Hmm. My hypothesis-slash-WAG on the ATM issue is that it’s less to do with actual inability to figure out how to use them, and more to do with fear of inability to do so.
It’s a problem I often encounter when teaching technophobes to use computers. They don’t understand that (on Windows, at least) it’s pretty damned hard to accidentally do something catastrophic. They’re afraid to take any action unless I tell them precisely what icons to click and what keys to press, because otherwise “I might delete my hard drive” or somesuch. In extreme examples, I’ve had it take hours before the person was willing to freely explore under the File menu when I give them the simple command “Save this document”.
Now imagine you’re standing at an ATM for the first time. You’ve never encountered one of these things before, but you know a few things for certain. You know that it allows you to directly manipulate your bank account, and to modify your finances and make withdrawls and deposits as you see fit. Essentially, it gives you all the powers of a bank teller as regards your account. You know these things, and you also know that you have no Earthly idea how to use it. For all you know, one wrong button press, and you’ve just sent $300 to a hole in Siberia, closed the remainder of your account, and told the bank to keep the change. Yeah, I can see being a bit timid at this proposition.

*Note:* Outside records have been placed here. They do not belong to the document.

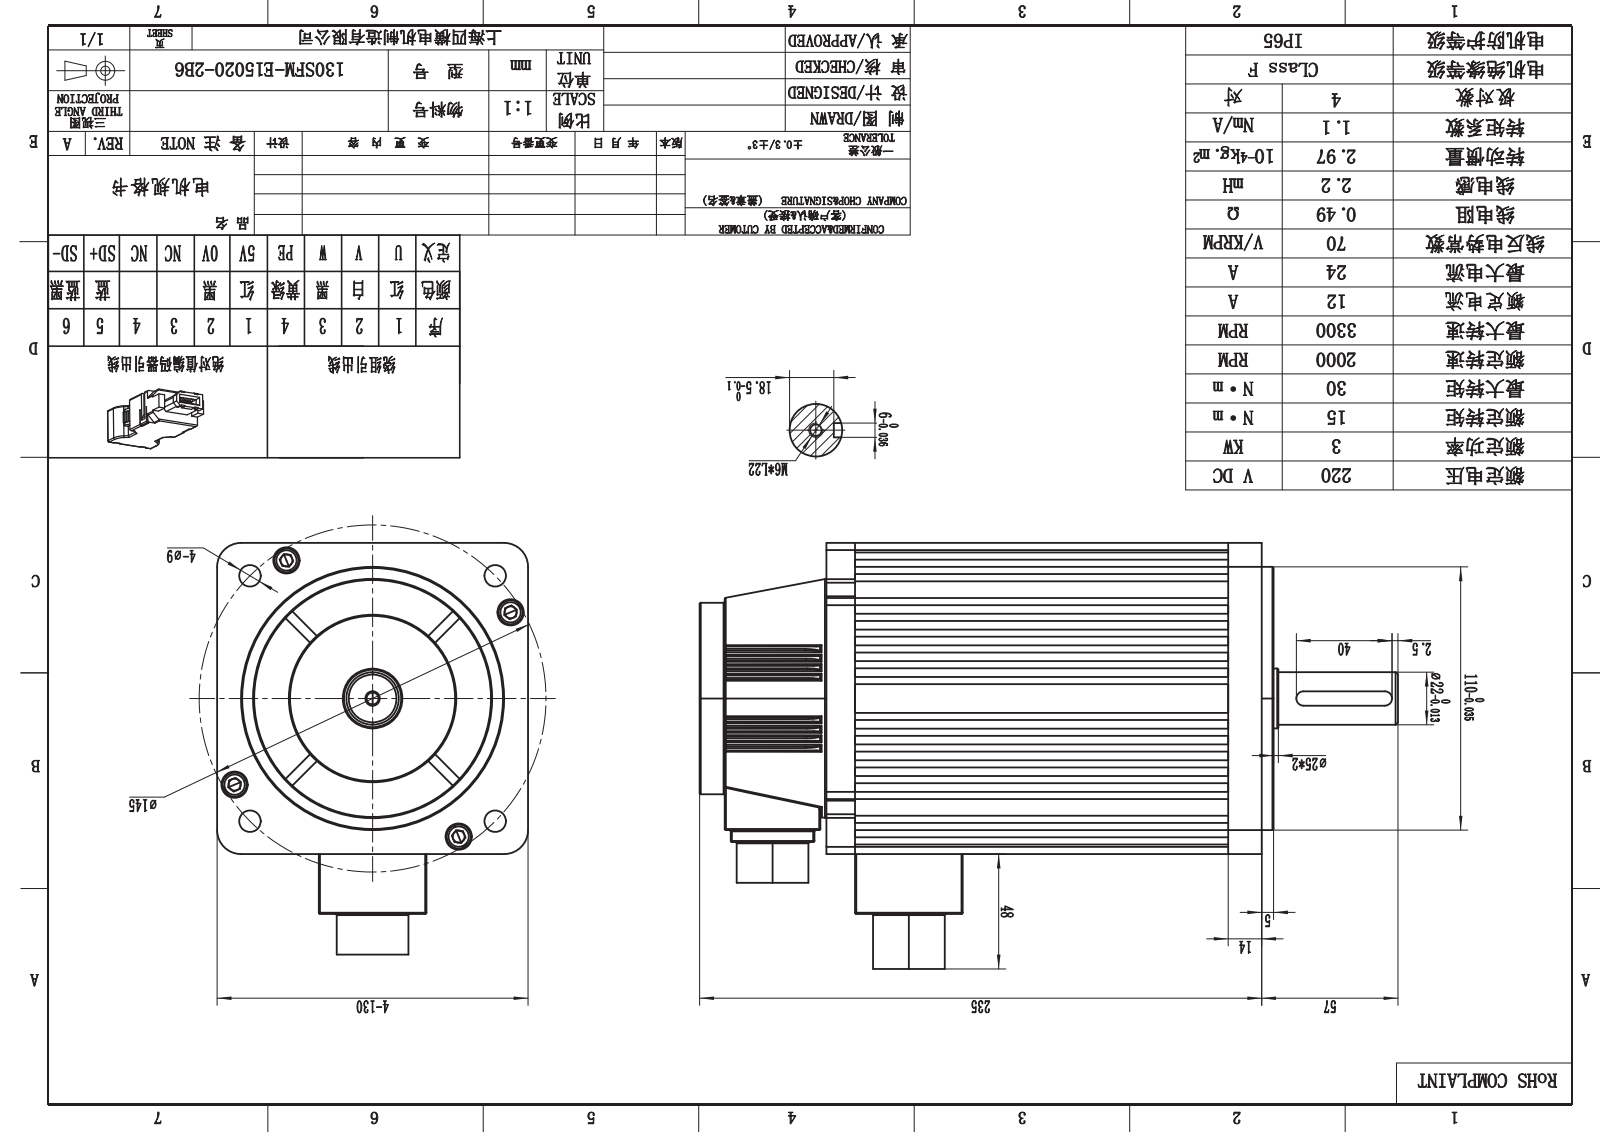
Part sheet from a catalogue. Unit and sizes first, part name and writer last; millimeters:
Units: millimetres
Overall size (bounding box): 290 × 262.4 × 130
Round holes (diameter × count): ⌀1 ×15, ⌀2.5 ×6, ⌀3.4 ×4, ⌀6 ×4, ⌀6.5 ×4, ⌀9 ×4, ⌀11 ×4, ⌀2.9 ×2, ⌀3.5 ×2, ⌀3.8 ×2, ⌀5 ×1, ⌀7 ×1
Round bosses / shafts (diameter × count): ⌀1.5 ×15, ⌀0.6 ×15, ⌀1 ×12, ⌀6 ×8, ⌀10 ×4, ⌀3.5 ×3, ⌀4.5 ×2, ⌀3.3 ×2
Partial cylindrical surfaces — rounded edges, fillets, slot ends (radius × count): R0.5 ×108, R1 ×53, R0.45 ×48, R0.2 ×24, R2 ×22, R0.97 ×15, R3 ×10, R1.5 ×8
Main face-to-face distances: 153.5, 12, 165.5, 130, 2, 128, 14, 21, 179.5, 167.5
Hole centre spacings: 2.24, 3.63, 4.03, 2.02, 3.62, 4.48, 5.42, 5.68
Volume: 3 102 000 mm³ · Surface area: 296 953 mm²
Bodies: 42 solids, 2140 faces (817 planar, 737 cylindrical, 586 other)
Part name (STEP PRODUCT): 02-0.step.STEP.STEP.STEP; 130________.step.STEP.STEP.STEP; 02.A037.000134 M130AIS133-C15020-B1-4-1R; hexagon socket head cap screws gb_GB_FASTENER_SCREWS_HSHCS M6X20-N.step.STEP.STEP.STEP (+5 more)
STEP written by: SolidWorks 2020 (AUTOMOTIVE_DESIGN)

Just as a first-time computer user may take a week to open a Word document with any degree of confidence, so might an elderly person take an appreciable amount of time to feel secure making a simple deposit at an ATM. There is, however, one key difference: there’s no such thing as a Computer Teller. If you need to use a computer, you need to learn how to use a computer. There’s no practical way around it. If you need to make a deposit…well, there are these wonderful people that the bank employs specifically to help customers such as yourself do these things with no intervention on your part, that know exactly what menus to open and what buttons to press, and whom you trust to do things right because they’re trained and they’ve been doing it for years. Why, given this, would you ever bother to learn how to do it yourself in the first place? Sure, all those youngsters say it’s nearly impossible to mess up…but why take the risk? You just go inside like you’ve always done, give the teller the money and the piece of paper, and mission accomplished.
Of course, I’m 20, so what the hell do I know about how old people think? It’s an idea, though.